Boni, Thank you so much for sharing...When I started reading your post I got goose bumps because I myself write poetry and I thought about sharing one of my poems in one of my first blogs, but I feared I may be made fun of or get comments that would hurt my feeling..At one point in my life I was writing a lot and thought about publishing a book of poetry...but for some reason that dream faded...work, kids and everyday life take up most of my time and my writing has been put on a back shelf...as I get to know everyone in the bloggisphere better perhaps I will find the courage you have to share...Loved your poem!

Jeff said...

Nice job. Insightful and euphonious.

Bruce A. Bateman said...

It's really well done, Boni. It's readable, flowing and the message gets through without being trampled by the vehicle.

I like it.

(Sure beats Sam Guggliotti or Zaldy Dandan trying to be TS Elliot or a verse version of William Burroughs). So I suggest you send it to the Variety for publication in one of their Friday Poetry publications. Send it with a pen name if you don't want to explain the prologue as you did in this blog post.

CNMI Blogger said...

Bon:
This is wonderful! Keep it up.

I'm reminded of an assignment that one of my professors at DePaul University had given us. She was working on her Ph.D thesis on alcoholism at the time. She assigned us to come up with our own definition of alcoholism and warned us that she didn't want the textbook definition either.

I let my creative juices flow and came up with a script. She liked it; had me distribute copies to the class, and asked me to see her about getting it published. But I never took her up on it.

Anyway, over the years, I've contempted the idea of tracking down this script from inside one of my gazillion boxes packed away, dusting it off if I find it, and getting a local theatre group perform it. As I said, I'm still contemplating it.

But good luck with your creative writing, Bon, and I look forward to reading more!

Bon said...

Steve-O, Cin, Bruce and Jeff: thanks guys. Although I don't much care what some people think of me, your opinions matter because I respect and genuinely like you guys. James is new to the 'sphere, so say hello ya'll! Tami: the worst that could happen in this realm is that the people who you get to know really are good people, will tell you exactly what they think. The other fools that are out there are just trying to blow up things, so ignore them. I know it's hard. There are so many people on the network that are authentic and will take an interest in you as a person. That doesn't mean they won't be brutally honest, so you just have to get used to that. When they've needed to be that way, they usually just send me an email to spare me having to publish a comment:) This is a good place to be once you learn how to steer right, and I haven't done that yet either.

Lex said...

Very nice, more please =)

Saipan Writer said...

Boni,

It takes courage to write poetry, along with a lot of thought.
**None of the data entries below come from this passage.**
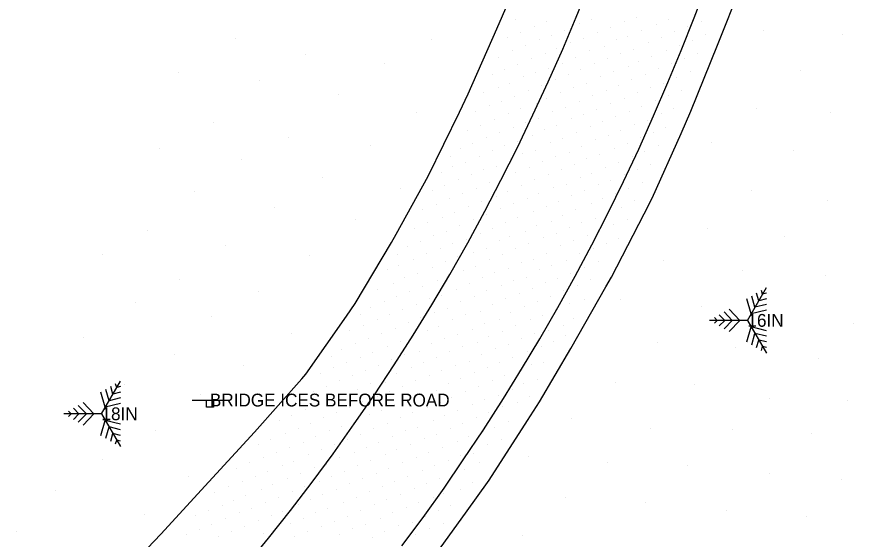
# Model space of a CAD drawing. Extents: x 1732346 to 1733076, y 467730 to 468633.
# Drawn here: x 1732514.8 to 1732632.7, y 468330.7 to 468404.1 of the extents above; entities that cross this region are included whole.
import ezdxf

# ---------------------------------------------------------------- set-up
doc = ezdxf.new("R2010")
doc.units = 0
for name, color, linetype in [('Default', 7, 'Continuous'), ('S_Ground_SpotElevation', 7, 'Continuous'), ('S_Roadway_Edge_Pavement', 7, 'Continuous'), ('S_Roadway_Painted_Lines', 7, 'Continuous'), ('S_Text', 7, 'Continuous'), ('S_Traffic_Sign_SinglePost', 7, 'Continuous'), ('S_Trees_Conifer_Pay', 7, 'Continuous')]:
    doc.layers.add(name, color=color, linetype=linetype)

# ---------------------------------------------------------------- blocks, each defined once
blk = doc.blocks.new('POINT_DISPLAY')
at = {"layer": 'Default'}
blk.add_line((0, 0), (0, 0), dxfattribs=at)

msp = doc.modelspace()

# ---------------------------------------------------------------- linework, layer by layer
at = {"layer": 'S_Roadway_Edge_Pavement'}
for points in [[(1732572.05, 468326.23), (1732577.91, 468334.33), (1732581.24, 468338.95), (1732586.63, 468347.37), (1732588.3, 468349.98), (1732592.71, 468357.46), (1732597.64, 468366.15), (1732598.42, 468367.53), (1732603.01, 468376.41), (1732604.14, 468378.61), (1732608.2, 468387.74), (1732609.59, 468390.87), (1732613.3, 468400.15), (1732616.65, 468408.55), (1732619.8, 468418.04), (1732621.97, 468424.57), (1732624.79, 468434.17), (1732627.07, 468441.93), (1732629.39, 468451.66), (1732630.3, 468455.46), (1732630.47, 468455.69), (1732632.18, 468465.54), (1732632.53, 468467.53), (1732633.87, 468477.44)], [(1732528.46, 468324.42), (1732535.06, 468331.36), (1732541.83, 468338.72), (1732548.25, 468345.7), (1732554.86, 468353.2), (1732555.43, 468353.85), (1732561.15, 468362.05), (1732562.37, 468363.81), (1732567.49, 468372.4), (1732568.16, 468373.54), (1732572.66, 468381.72), (1732577.04, 468390.71), (1732578.29, 468393.28), (1732582.29, 468402.45), (1732585.49, 468409.8)]]:
    msp.add_lwpolyline(points, dxfattribs=at)
at = {"layer": 'S_Roadway_Painted_Lines'}
for points in [[(1732547.02, 468326.92), (1732550.21, 468330.8), (1732553.3, 468334.72), (1732556.33, 468338.7), (1732559.29, 468342.69), (1732562.26, 468346.87), (1732565.09, 468350.99), (1732567.86, 468355.17), (1732570.53, 468359.36), (1732573.15, 468363.62), (1732575.67, 468367.87), (1732578.22, 468372.34), (1732580.62, 468376.82), (1732582.86, 468381.18), (1732585.19, 468385.77), (1732587.38, 468390.33), (1732589.53, 468394.98), (1732591.56, 468399.57), (1732593.46, 468404.1), (1732595.35, 468408.81)], [(1732568.94, 468329.72), (1732571.94, 468333.7), (1732574.88, 468337.82), (1732577.58, 468341.83), (1732580.42, 468346.04), (1732583.25, 468350.46), (1732585.78, 468354.58), (1732588.32, 468358.82), (1732590.88, 468363.26), (1732593.3, 468367.67), (1732595.65, 468372.08), (1732597.94, 468376.55), (1732600.12, 468380.97), (1732602.24, 468385.51), (1732604.34, 468390.2), (1732606.35, 468394.89), (1732608.21, 468399.41), (1732610.02, 468404), (1732611.86, 468408.79)]]:
    msp.add_lwpolyline(points, dxfattribs=at)
at = {"layer": 'S_Traffic_Sign_SinglePost'}
msp.add_line((1732539.47, 468350.23), (1732544.46, 468350.23), dxfattribs=at)
msp.add_lwpolyline([(1732541.46, 468350.23), (1732542.46, 468350.23), (1732542.46, 468349.23), (1732541.46, 468349.23)], close=True, dxfattribs=at)
at = {"layer": 'S_Trees_Conifer_Pay'}
for p, q in [((1732617.53, 468361.44), (1732620.19, 468366.05)), ((1732618.59, 468363.28), (1732618.14, 468364.86)), ((1732619.12, 468364.21), (1732618.82, 468365.26)), ((1732619.66, 468365.13), (1732619.5, 468365.66)), ((1732620.19, 468365.26), (1732619.66, 468365.13)), ((1732618.06, 468362.36), (1732617.45, 468364.47)), ((1732620.19, 468363.68), (1732618.59, 468363.28)), ((1732620.19, 468364.47), (1732619.12, 468364.21)), ((1732615.4, 468361.44), (1732614.26, 468362.63)), ((1732616.46, 468361.44), (1732614.94, 468363.02)), ((1732620.19, 468362.89), (1732618.06, 468362.36)), ((1732617.53, 468361.44), (1732612.2, 468361.44)), ((1732613.27, 468361.44), (1732612.89, 468361.84)), ((1732612.89, 468361.05), (1732613.27, 468361.44)), ((1732614.33, 468361.44), (1732613.57, 468362.23)), ((1732613.57, 468360.65), (1732614.33, 468361.44)), ((1732614.26, 468360.25), (1732615.4, 468361.44)), ((1732614.94, 468359.86), (1732616.46, 468361.44)), ((1732617.53, 468361.44), (1732620.19, 468356.83)), ((1732617.45, 468358.41), (1732618.06, 468360.52)), ((1732620.19, 468359.99), (1732618.06, 468360.52)), ((1732618.14, 468358.02), (1732618.59, 468359.59)), ((1732620.19, 468359.2), (1732618.59, 468359.59)), ((1732618.82, 468357.62), (1732619.12, 468358.67)), ((1732620.19, 468358.41), (1732619.12, 468358.67)), ((1732619.5, 468357.22), (1732619.66, 468357.75)), ((1732620.19, 468357.62), (1732619.66, 468357.75)), ((1732526.72, 468348.3), (1732529.38, 468352.91)), ((1732528.31, 468351.06), (1732528.01, 468352.12)), ((1732528.85, 468351.98), (1732528.7, 468352.51)), ((1732529.38, 468352.12), (1732528.85, 468351.98)), ((1732527.25, 468349.22), (1732526.64, 468351.33)), ((1732527.79, 468350.14), (1732527.33, 468351.72)), ((1732529.38, 468351.33), (1732528.31, 468351.06)), ((1732524.59, 468348.3), (1732523.45, 468349.48)), ((1732525.65, 468348.3), (1732524.13, 468349.88)), ((1732529.38, 468349.74), (1732527.25, 468349.22)), ((1732529.38, 468350.54), (1732527.79, 468350.14)), ((1732526.72, 468348.3), (1732521.4, 468348.3)), ((1732522.46, 468348.3), (1732522.08, 468348.69)), ((1732522.08, 468347.9), (1732522.46, 468348.3)), ((1732523.53, 468348.3), (1732522.77, 468349.09)), ((1732522.77, 468347.51), (1732523.53, 468348.3)), ((1732523.45, 468347.11), (1732524.59, 468348.3)), ((1732524.13, 468346.72), (1732525.65, 468348.3)), ((1732526.72, 468348.3), (1732529.38, 468343.69)), ((1732526.64, 468345.27), (1732527.25, 468347.37)), ((1732529.38, 468346.85), (1732527.25, 468347.37)), ((1732527.33, 468344.87), (1732527.79, 468346.45)), ((1732529.38, 468346.06), (1732527.79, 468346.45)), ((1732528.01, 468344.47), (1732528.31, 468345.53)), ((1732529.38, 468345.27), (1732528.31, 468345.53)), ((1732528.7, 468344.08), (1732528.85, 468344.61)), ((1732529.38, 468344.47), (1732528.85, 468344.61))]:
    msp.add_line(p, q, dxfattribs=at)

# ---------------------------------------------------------------- block references
at = {"layer": 'S_Ground_SpotElevation'}
for p in [(1732584.87, 468403.81), (1732595.67, 468403.7), (1732601.95, 468404.09), (1732606.37, 468403.77), (1732587.59, 468402.72), (1732589.34, 468403.46), (1732593.87, 468403.14), (1732598.25, 468402.63), (1732600.19, 468403.48), (1732604.69, 468403.11), (1732609.13, 468402.78), (1732611.03, 468403.42), (1732585.58, 468401.87), (1732589.96, 468401.45), (1732591.82, 468402.24), (1732596.39, 468401.99), (1732600.7, 468401.34), (1732602.59, 468402.22), (1732605.41, 468401.29), (1732607.24, 468402.01), (1732611.66, 468401.6), (1732619.72, 468402.27), (1732630.88, 468401.67), (1732545.54, 468401.12), (1732573.05, 468400.91), (1732583.8, 468401.19), (1732588.35, 468400.9), (1732592.7, 468400.51), (1732594.46, 468401.05), (1732599.06, 468400.91), (1732603.63, 468400.57), (1732607.96, 468400.14), (1732609.86, 468400.79), (1732584.56, 468399.33), (1732586.34, 468400.05), (1732589.18, 468399), (1732590.72, 468399.64), (1732595.32, 468399.39), (1732597.44, 468399.97), (1732599.73, 468398.92), (1732601.51, 468399.48), (1732606.15, 468399.44), (1732610.56, 468398.96), (1732555.44, 468398.81), (1732582.56, 468398.4), (1732587.19, 468398.3), (1732593.42, 468398.4), (1732597.92, 468398.3), (1732602.25, 468397.84), (1732604.07, 468398.5), (1732608.71, 468398.32), (1732566.47, 468397.6), (1732583.35, 468396.7), (1732585.2, 468397.42), (1732589.61, 468396.88), (1732591.49, 468397.6), (1732594.11, 468396.72), (1732596.09, 468397.53), (1732600.77, 468397.13), (1732604.99, 468396.8), (1732606.89, 468397.59), (1732624.98, 468396.63), (1732537.6, 468396.3), (1732581.7, 468396.02), (1732586.02, 468395.67), (1732587.79, 468396.31), (1732592.38, 468396.04), (1732596.92, 468395.7), (1732598.74, 468396.37), (1732603.15, 468396.05), (1732607.52, 468395.6), (1732609.49, 468396.46), (1732548.97, 468395.15), (1732582.53, 468394.22), (1732584.11, 468394.82), (1732588.64, 468394.54), (1732590.59, 468395.31), (1732594.86, 468394.75), (1732599.39, 468394.43), (1732601.21, 468395.27), (1732603.91, 468394.23), (1732605.69, 468394.75), (1732560.06, 468393.14), (1732580.46, 468393.43), (1732586.81, 468393.75), (1732591.25, 468393.44), (1732593.02, 468394.16), (1732595.78, 468393.11), (1732597.75, 468393.83), (1732602.02, 468393.46), (1732606.43, 468393.08), (1732608.19, 468393.71), (1732583.02, 468392.28), (1732584.8, 468392.92), (1732587.82, 468391.96), (1732589.28, 468392.63), (1732593.86, 468392.27), (1732598.22, 468391.9), (1732600.19, 468392.63), (1732604.61, 468392.37), (1732571.06, 468390.67), (1732579.36, 468390.76), (1732581.31, 468391.59), (1732585.66, 468391.2), (1732590.07, 468390.78), (1732591.9, 468391.32), (1732596.27, 468391.07), (1732600.96, 468390.78), (1732602.59, 468391.47), (1732607.2, 468391.23), (1732618.87, 468391.25), (1732582.03, 468389.7), (1732583.94, 468390.51), (1732588.12, 468389.8), (1732592.79, 468389.77), (1732594.46, 468390.34), (1732599.05, 468390.09), (1732603.41, 468389.55), (1732605.5, 468390.48), (1732629.23, 468390.62), (1732542.51, 468389.23), (1732580.01, 468388.87), (1732584.67, 468388.52), (1732586.3, 468389.27), (1732590.72, 468388.84), (1732595.41, 468388.67), (1732597.22, 468389.39), (1732601.66, 468388.97), (1732606.07, 468388.61), (1732553.04, 468387.14), (1732578.17, 468388.15), (1732582.72, 468387.85), (1732587.37, 468387.46), (1732589.02, 468388.22), (1732593.49, 468387.81), (1732598.03, 468387.44), (1732599.73, 468388.13), (1732602.43, 468387.18), (1732604.36, 468387.92), (1732564.47, 468385.99), (1732578.93, 468386.35), (1732580.83, 468387.09), (1732583.42, 468385.98), (1732585.24, 468386.57), (1732589.84, 468386.4), (1732591.59, 468387.06), (1732594.18, 468385.96), (1732596.16, 468386.81), (1732600.6, 468386.36), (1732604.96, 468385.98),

And it takes courage and some foolish bravado to share it with the world!

Congrats on being all that and so much more.

What we write about says a lot about who we are. Your poem has made me think about some of what I've been.

I lived with an alcoholic until he died. There was nothing functional about it. It made me (temporarily?) insane and broke my heart. His daughter, my daughter is still pissed off at him for it. When she was younger, she cried so many times when other kids at school were picked up by their dads that I couldn't take it.

When you're living with an alcoholic, you blame the alcohol. You blame the friends. You blame yourself. It's one of the ugliest, most destructive "diseases" around. But you're living with it. And when an alcoholic dies, you're still living with it in some way.

And it's all still a mystery,

and I (still) like to drink wine.

Bon said...

That means so much to me. Truly, thank you for sharing.

Jeff said...

Alcoholism is the only disease you can get yelled at for having. Damnit Otto you're an alcoholic. Damnit Otto you have lupus. One of those two don't sound right.

Mitch Hedberg

Bon said...

This poem was about my family. Now that it's over I can share the fact that I lived with a functional dysfunctional alcoholic. It was not a fun ride, but one that taught me a lot about happiness, the acquisition of it and the realization that sometimes people need to learn from their own mistakes.